Poor traffic light sequencing blamed by many of those taking part in the survey
According to new research by the RAC, 80% of drivers in the UK struggle to stop in yellow box junctions, whilst 46% admit that they’ve even stopped in a yellow box junction and ended up blocking the road.
A majority of those taking part in the survey blamed poor traffic-light sequencing.
From the drivers who confessed to breaking the law surrounding yellow box junctions, 78% said poor sequencing of traffic lights was to blame, whilst 32% said it was other road users who led them to breaking the rules as well.
One in five believe the box junctions have been badly designed, whilst 15% think they’re quite often used in the wrong locations.
At present, only London and Cardiff councils have the power to hand out PCNs for minor road traffic offences, whilst it’s down to the police everywhere else.
Concern is growing however with experts, as police officer numbers continue to fall and catching law breakers is now becoming much harder, resulting in low numbers of penalties being issued for box junction misuse across the country.
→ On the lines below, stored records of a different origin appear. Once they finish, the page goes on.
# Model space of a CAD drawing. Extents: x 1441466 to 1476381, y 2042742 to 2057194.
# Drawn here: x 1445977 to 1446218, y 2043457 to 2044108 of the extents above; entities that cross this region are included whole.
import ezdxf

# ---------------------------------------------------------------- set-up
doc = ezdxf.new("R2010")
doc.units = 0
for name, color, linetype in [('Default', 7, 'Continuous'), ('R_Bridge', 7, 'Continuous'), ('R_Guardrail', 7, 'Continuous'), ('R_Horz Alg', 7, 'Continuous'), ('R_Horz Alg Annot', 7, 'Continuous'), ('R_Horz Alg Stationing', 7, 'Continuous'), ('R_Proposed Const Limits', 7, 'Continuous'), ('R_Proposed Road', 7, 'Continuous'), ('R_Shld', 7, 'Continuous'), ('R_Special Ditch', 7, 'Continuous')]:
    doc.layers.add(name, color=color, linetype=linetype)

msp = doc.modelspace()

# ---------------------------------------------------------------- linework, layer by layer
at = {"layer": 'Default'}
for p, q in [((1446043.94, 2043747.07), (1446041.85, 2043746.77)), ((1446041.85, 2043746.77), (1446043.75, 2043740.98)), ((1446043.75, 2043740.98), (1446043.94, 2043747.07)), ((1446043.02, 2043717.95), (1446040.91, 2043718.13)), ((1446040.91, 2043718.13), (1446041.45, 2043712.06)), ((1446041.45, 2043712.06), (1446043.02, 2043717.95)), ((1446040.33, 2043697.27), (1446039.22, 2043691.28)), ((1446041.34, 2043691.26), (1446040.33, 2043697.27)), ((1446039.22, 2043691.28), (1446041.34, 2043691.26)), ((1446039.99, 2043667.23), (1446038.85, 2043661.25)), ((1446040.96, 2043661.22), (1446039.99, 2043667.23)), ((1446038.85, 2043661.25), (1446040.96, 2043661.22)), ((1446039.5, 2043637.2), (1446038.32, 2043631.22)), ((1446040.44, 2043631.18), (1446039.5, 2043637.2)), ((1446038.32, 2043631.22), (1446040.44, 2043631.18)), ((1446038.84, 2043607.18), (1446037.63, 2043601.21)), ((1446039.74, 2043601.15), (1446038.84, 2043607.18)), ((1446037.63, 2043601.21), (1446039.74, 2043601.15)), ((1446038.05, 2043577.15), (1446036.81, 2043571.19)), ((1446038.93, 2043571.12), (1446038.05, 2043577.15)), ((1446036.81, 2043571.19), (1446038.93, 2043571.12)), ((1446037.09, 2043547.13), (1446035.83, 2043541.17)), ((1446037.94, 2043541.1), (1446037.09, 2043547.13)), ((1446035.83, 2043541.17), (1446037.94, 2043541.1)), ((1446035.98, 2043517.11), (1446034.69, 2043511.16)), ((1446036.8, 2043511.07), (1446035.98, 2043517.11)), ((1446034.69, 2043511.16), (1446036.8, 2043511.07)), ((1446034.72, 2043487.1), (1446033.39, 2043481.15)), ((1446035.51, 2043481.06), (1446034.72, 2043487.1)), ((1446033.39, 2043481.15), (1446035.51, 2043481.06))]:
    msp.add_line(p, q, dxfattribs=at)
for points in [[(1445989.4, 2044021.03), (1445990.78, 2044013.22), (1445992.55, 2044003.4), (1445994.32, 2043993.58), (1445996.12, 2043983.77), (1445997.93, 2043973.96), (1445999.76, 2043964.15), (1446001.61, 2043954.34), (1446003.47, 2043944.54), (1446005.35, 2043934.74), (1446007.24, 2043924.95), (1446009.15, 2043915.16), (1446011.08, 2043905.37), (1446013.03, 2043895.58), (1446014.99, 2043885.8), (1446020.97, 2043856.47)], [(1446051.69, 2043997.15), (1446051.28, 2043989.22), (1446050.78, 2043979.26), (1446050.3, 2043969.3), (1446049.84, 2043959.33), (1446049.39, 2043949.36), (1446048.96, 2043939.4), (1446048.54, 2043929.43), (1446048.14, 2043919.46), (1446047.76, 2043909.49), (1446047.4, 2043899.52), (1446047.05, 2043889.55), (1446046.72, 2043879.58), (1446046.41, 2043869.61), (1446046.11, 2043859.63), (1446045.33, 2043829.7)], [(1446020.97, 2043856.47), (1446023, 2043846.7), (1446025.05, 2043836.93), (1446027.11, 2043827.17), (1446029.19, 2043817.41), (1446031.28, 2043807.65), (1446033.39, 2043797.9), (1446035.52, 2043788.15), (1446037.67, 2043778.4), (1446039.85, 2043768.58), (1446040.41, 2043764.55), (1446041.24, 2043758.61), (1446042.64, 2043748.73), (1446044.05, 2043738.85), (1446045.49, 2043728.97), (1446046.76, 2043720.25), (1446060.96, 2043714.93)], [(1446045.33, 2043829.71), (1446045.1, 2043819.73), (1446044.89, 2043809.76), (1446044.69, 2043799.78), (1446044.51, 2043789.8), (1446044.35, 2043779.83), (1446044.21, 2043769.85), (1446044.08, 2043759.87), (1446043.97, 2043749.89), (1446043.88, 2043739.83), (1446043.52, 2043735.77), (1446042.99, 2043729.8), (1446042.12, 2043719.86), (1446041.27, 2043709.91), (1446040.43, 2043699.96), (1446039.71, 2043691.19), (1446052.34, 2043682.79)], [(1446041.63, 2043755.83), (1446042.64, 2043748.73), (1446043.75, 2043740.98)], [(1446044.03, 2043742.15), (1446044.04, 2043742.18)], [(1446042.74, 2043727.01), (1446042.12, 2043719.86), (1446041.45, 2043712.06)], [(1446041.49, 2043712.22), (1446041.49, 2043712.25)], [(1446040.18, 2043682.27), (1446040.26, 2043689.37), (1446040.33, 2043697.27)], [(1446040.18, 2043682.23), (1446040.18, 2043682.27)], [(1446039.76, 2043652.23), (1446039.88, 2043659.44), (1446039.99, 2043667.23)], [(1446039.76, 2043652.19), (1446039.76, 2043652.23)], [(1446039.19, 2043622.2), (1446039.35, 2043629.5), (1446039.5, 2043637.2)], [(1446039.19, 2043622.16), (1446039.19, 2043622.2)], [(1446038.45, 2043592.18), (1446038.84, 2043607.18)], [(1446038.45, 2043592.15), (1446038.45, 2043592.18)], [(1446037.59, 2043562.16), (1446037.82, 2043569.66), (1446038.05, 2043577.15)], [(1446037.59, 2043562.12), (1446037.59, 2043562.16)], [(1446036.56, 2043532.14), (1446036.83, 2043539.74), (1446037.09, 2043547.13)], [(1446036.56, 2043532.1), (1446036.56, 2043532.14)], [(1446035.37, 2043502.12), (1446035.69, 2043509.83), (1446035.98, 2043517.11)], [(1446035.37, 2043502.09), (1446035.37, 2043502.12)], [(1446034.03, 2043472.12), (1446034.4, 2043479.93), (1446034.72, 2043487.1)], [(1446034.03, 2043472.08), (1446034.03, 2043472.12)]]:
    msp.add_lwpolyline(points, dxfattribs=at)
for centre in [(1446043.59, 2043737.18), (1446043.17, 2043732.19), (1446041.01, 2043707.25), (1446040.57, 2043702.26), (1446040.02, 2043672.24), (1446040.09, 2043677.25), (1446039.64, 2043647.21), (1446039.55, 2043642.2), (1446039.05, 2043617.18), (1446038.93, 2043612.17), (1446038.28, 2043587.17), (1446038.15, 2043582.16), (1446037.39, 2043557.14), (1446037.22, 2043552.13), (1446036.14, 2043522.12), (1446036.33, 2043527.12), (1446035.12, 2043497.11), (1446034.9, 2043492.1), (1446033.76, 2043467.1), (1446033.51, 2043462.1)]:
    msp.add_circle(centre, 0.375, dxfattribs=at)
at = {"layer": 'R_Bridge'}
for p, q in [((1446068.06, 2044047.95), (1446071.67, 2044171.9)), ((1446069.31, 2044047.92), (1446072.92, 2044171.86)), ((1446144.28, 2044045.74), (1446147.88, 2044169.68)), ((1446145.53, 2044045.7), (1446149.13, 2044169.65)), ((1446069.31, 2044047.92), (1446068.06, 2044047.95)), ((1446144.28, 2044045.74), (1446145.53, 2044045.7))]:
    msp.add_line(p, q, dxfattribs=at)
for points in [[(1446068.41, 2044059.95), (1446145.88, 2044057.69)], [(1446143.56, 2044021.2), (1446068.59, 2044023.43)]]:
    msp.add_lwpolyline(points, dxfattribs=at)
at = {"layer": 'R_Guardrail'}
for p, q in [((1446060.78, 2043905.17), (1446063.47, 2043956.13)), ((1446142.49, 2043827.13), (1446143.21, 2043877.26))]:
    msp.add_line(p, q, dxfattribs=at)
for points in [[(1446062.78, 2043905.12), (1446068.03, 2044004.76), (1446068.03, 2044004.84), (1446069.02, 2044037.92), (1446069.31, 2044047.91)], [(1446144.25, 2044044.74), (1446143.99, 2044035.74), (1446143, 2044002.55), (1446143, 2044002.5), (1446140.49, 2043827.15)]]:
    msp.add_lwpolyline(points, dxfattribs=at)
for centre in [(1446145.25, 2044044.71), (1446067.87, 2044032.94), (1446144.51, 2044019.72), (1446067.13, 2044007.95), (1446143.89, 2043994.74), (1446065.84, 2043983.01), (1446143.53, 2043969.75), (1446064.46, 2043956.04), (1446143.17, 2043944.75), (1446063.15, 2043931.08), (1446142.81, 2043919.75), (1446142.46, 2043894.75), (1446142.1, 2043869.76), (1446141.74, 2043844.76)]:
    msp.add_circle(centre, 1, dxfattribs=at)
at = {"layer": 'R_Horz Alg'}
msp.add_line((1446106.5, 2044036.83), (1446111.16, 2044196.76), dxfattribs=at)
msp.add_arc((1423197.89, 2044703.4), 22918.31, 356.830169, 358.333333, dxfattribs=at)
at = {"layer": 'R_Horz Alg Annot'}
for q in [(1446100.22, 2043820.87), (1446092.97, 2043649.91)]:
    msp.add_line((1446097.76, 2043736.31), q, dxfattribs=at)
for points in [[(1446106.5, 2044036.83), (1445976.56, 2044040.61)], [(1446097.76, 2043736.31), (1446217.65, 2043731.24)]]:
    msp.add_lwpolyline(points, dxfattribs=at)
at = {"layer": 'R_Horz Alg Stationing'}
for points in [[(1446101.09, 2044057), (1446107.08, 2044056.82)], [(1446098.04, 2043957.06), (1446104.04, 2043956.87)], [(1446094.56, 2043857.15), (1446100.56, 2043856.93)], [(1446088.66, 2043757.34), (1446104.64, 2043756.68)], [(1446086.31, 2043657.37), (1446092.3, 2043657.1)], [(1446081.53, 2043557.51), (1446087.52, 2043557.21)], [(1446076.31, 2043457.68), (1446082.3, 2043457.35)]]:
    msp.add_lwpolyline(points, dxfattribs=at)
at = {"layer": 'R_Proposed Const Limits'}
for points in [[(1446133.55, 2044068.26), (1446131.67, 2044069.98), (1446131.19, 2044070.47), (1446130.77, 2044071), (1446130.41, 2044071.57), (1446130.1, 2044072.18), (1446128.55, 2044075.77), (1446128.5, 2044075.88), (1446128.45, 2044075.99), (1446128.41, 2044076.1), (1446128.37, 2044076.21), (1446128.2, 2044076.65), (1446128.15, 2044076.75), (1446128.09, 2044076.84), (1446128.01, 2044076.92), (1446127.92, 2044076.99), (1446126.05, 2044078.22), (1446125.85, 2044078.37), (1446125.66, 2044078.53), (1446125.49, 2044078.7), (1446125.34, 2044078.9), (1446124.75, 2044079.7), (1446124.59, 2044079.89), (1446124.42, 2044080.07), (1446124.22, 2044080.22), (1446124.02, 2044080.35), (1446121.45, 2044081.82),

A total of 2,000 drivers took part in the survey, with more than a third (36%) saying that all councils should be given the power to issue penalties for box junction offences, whilst the same number of people thought these powers should only be used at problematic junctions.
In London, the penalty for stopping in a box junction is £130 which is halved if the offender pays early. Data obtained by the RAC shows that Transport for London (TfL) issued 123,071 box junction PCNs during the last financial year, an increase of 108,164 compared to the previous year.
“There is a strong feeling that many junctions are not set up fairly, which leads to drivers having no choice but to stop in them, whether that’s due to poor traffic light sequencing, poor design or being used in the wrong place,” said RAC spokesman Simon Williams.
According to Mr Williams, box junctions can “heighten stress for drivers as those at the front of traffic lights often feel pressured to move on as a result of impatient drivers behind”, adding that whilst the RAC is “generally supportive of local authorities having the power to enforce yellow box junctions”, he was concerned and worried that if all councils were granted this power, “cash-strapped authorities may see it as a lucrative revenue stream”, so to prevent this from happening, drivers should be issued with a warning letter if it’s their first offence.